In the early 1980s, his law practice took off, attracting many of the country’s largest banks and financial institutions as clients. In 1985, Hawke argued the case Board of Governors of the Federal Reserve v. Dimension Financial Corp. before the U.S. Supreme Court, and secured an 8-0 victory. A mentor to a generation of up-and-coming banking lawyers within the law firm, he also taught banking law at Georgetown Law School and Boston University School of Law, where he was chairman of the board of advisors at the Morin Center for Banking Law Studies.
These experiences primed Hawke for two major presidential appointments at the peak of his career. President Clinton named him Undersecretary of the Treasury for Domestic Finance in 1995. He oversaw financial policy and legislation, with frequent trips to the Hill to testify, worked on the debt ceiling showdown with Congress in 1996, and helped roll out the newly redesigned $20 bill. A memorable moment was holding down the fort when the historic Treasury building caught fire in the summer of 1996, while Secretary Robert Rubin was on business abroad. When Hawke called the secretary to brief him on the fire, he said, “Bob, I have good news and bad news.
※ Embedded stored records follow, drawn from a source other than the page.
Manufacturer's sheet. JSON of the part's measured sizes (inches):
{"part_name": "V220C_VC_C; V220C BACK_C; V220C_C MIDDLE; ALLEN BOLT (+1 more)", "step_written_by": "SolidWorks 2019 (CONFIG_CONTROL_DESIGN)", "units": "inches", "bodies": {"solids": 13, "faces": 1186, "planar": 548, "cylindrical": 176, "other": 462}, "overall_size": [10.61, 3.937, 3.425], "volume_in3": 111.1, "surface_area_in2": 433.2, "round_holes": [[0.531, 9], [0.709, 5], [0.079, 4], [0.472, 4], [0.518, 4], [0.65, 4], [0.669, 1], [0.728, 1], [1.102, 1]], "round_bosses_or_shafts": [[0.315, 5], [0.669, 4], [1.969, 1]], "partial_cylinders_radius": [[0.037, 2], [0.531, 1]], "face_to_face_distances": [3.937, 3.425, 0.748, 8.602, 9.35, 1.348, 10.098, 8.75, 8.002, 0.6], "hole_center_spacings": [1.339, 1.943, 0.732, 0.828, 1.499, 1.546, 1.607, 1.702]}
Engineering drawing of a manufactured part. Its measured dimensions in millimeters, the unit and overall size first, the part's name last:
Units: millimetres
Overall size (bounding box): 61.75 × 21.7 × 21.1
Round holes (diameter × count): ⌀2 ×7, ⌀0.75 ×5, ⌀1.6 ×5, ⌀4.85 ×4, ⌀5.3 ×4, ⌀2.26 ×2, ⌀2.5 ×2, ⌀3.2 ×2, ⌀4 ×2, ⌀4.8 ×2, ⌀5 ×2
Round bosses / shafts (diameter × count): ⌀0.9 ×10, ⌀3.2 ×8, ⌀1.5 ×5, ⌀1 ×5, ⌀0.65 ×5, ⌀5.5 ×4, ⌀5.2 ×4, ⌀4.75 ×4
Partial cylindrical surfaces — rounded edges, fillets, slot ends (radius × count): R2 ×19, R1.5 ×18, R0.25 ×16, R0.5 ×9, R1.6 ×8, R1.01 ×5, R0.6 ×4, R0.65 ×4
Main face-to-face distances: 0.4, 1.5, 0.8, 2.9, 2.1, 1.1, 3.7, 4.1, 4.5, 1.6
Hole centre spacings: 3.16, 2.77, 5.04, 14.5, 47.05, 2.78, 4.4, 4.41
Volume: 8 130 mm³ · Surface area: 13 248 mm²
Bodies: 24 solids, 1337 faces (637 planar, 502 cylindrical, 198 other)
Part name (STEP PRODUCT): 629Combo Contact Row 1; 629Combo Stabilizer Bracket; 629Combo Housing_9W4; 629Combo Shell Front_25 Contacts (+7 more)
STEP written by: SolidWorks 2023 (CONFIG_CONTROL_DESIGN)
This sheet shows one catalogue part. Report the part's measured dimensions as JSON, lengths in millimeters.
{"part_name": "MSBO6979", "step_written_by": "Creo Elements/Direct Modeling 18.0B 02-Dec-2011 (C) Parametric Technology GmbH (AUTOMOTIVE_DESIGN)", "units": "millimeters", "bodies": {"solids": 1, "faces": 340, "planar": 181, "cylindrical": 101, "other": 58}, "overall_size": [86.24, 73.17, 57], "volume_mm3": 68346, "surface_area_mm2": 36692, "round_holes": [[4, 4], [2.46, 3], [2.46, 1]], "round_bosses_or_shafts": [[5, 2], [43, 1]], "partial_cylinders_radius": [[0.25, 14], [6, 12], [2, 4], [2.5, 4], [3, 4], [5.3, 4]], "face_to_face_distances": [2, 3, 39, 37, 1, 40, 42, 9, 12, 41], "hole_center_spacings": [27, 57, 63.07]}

The bad news is that the building is on fire. The good news is that it wasn’t the British.”
In 2001, the department bestowed its highest honor upon him — the Alexander Hamilton Award.
Hawke served as the country’s 28th comptroller of the currency (OCC) from 1998 to 2004, where he administered a network of more than 2,000 national banks, comprising more than half of the assets of the commercial banking system. He was a director of the Federal Deposit Insurance Corporation (FDIC), the Federal Financial Institutions Examination Council, and the Basel Committee on Banking Supervision.
Upon leaving the OCC, Hawke returned to Arnold & Porter, staying active until well into his 80s.
Hawke enjoyed a deeply meaningful life outside his work. He loved opera, Italian Renaissance painting, photography, writing poetry, collecting Mata Ortiz pottery, and traveling the world. A devotee of the Washington Opera, he took delight in holding Lawyers Committee dinners, where he’d script and emcee legal-themed parodies, with Supreme Court justices playing along.
In 1991, Jerry lost his beloved wife to illness, and on Monday, Jan. 10, 2022, he was laid to rest at her side in Oak Grove Cemetery at a brief private ceremony, with veteran’s honors presided over by American Legion Post Commander Jo Ann Murphy. He will be missed dearly by his four children Daniel (Jessica Blake), Caitlin (John Kada), Anne, and Patrick; and his three grandchildren, Spencer, Camerynn, and Clare, in each of whom he instilled a deep appreciation for this incredible place as well as for bluefish, brined and smoked Jerry-style.
The family plans to convene a memorial service later this year. Gifts in his memory may be made to Island Food Pantry on Martha’s Vineyard (igimv.org/donate).